S ₁ : stepper main body, F ₁ : substrate supply device, 1: platform,
2: XY stage, 3: top stage, 4: reduction projection lens system, 4a: lens system support (lens surface plate), 5:
Illumination system, 6: Reticle, 8: Air mount, 9: Supply cassette, 10: Pre-alignment device, 11: Carrying hand, 12: Robot, 13: Collection cassette, 14
a: X gap sensor, 14b, 14c: Y gap sensor, 15: pre-alignment stage, 16: pre-alignment stage drive device, 17: position sensor,
50a, 50b, 50c: mount sensor, 51: attitude control means, 52: interferometer.

Claims (5)

(57) [Claims] 1. A lens surface plate elastically supported by elastic supporting means, an exposure lens supported on the lens surface plate, and a base supported separately from the lens surface plate on the elastic supporting means. Board and XY movably supported on the base board
A stage, a laser interferometer for reading the position of the XY stage from the lens surface plate, a drive means for moving the XY stage by the output of the laser interferometer, and the XY stage supported on the platform. An exposure apparatus having a substrate supply device for supplying a substrate to a substrate, the detection device detecting a change in relative position of the lens surface plate and the substrate supply device, and the XY stage of the XY stage based on an output of the detection device. An exposure apparatus comprising: a control unit that corrects a movement amount by a drive unit. 2. The exposure apparatus according to claim 1, wherein the elastic support means has an attitude control means for correcting the attitude of the lens surface plate based on the output of the detection means. 3. An attitude detecting means for detecting a change in relative position between the lens surface plate and the floor, and an attitude correcting means for correcting the attitude of the lens surface plate based on the output of the attitude detecting means. The exposure apparatus according to claim 1, wherein: 4. A posture detecting means for detecting a change in relative position between the lens surface plate and the floor, and a movement amount correcting means for correcting the movement amount of the XY stage based on the output of the posture detecting means. The exposure apparatus according to claim 1, wherein: 5. A lens surface plate elastically supported by elastic support means, an exposure lens supported on the lens surface plate, and a base separately supported by the lens surface plate on the elastic support means.
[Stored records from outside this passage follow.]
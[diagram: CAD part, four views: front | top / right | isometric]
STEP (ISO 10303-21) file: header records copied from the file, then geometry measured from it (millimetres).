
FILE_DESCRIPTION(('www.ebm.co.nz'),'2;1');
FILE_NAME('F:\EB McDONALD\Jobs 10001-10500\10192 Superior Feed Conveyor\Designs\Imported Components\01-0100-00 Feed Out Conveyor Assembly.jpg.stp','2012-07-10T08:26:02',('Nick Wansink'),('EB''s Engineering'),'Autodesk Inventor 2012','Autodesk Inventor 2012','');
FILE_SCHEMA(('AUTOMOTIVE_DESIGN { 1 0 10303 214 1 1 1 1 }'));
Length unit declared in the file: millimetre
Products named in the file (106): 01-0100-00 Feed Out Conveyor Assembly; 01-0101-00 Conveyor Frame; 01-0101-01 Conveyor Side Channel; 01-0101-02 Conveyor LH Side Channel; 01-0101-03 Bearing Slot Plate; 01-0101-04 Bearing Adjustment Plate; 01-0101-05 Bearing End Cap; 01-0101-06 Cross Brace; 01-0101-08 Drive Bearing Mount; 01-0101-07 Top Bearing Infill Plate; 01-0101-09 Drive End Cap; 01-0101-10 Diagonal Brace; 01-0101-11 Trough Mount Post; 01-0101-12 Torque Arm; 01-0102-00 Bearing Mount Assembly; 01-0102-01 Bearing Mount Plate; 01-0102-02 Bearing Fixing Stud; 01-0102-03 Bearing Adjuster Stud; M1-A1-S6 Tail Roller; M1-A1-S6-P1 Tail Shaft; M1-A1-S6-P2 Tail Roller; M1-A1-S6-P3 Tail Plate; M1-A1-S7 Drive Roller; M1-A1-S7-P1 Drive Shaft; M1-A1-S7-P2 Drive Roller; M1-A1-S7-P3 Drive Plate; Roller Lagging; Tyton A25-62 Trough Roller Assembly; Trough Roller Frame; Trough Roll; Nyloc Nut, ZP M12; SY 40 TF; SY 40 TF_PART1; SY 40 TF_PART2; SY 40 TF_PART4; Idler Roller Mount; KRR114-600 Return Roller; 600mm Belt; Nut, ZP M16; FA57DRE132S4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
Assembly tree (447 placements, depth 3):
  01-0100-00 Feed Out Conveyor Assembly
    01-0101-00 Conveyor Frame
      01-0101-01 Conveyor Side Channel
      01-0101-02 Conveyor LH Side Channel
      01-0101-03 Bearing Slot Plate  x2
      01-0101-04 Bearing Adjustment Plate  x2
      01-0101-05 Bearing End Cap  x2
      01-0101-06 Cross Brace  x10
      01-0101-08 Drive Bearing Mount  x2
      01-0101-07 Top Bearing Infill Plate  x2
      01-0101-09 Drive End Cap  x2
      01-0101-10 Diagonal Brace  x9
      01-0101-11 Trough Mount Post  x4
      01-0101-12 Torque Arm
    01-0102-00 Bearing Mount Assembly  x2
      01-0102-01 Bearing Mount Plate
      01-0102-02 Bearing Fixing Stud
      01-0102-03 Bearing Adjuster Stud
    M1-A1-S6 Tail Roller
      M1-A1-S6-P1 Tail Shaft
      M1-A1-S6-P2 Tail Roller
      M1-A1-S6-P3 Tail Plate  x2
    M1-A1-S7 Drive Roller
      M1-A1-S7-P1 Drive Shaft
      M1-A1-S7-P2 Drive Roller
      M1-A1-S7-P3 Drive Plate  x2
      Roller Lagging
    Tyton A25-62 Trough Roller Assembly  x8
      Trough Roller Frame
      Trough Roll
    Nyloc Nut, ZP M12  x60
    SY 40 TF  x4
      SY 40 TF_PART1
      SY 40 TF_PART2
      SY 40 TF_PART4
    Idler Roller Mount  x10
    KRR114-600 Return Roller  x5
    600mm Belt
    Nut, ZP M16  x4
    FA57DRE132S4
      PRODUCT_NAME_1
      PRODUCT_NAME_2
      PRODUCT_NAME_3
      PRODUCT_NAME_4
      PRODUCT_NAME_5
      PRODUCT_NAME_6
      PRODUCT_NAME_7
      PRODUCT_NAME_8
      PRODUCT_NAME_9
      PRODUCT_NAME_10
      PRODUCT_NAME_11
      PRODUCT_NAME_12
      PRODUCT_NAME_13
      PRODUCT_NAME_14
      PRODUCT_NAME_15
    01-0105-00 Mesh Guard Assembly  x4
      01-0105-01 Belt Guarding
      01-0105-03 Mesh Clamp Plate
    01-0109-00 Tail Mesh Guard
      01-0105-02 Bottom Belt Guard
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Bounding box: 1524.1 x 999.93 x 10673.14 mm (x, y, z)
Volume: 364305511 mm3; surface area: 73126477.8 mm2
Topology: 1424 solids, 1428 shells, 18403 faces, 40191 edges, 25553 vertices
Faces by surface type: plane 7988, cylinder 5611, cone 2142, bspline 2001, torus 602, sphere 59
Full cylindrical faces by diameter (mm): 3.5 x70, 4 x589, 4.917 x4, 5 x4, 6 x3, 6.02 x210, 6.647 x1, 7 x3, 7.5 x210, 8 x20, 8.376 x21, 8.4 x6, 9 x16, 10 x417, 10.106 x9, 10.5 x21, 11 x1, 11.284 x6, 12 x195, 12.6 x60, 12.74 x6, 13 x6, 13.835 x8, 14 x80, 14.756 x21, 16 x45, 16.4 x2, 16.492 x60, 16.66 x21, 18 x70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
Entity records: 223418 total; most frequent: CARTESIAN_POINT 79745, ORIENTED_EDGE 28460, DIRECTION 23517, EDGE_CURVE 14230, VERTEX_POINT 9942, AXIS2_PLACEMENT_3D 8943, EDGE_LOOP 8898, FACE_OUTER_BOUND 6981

Board and XY movably supported on the base board
A stage, a laser interferometer for reading the position of the XY stage from the lens surface plate, a drive means for moving the XY stage by the output of the laser interferometer, and the XY stage supported on the platform. An exposure apparatus having a substrate supply device for supplying a substrate to the substrate, and a detection means for detecting a change in the relative position of the lens surface plate and the substrate supply device is used, and the drive means is operated by the drive means based on the output of the detection means. An exposure method which corrects a movement amount when the XY stage is moved to an exposure position.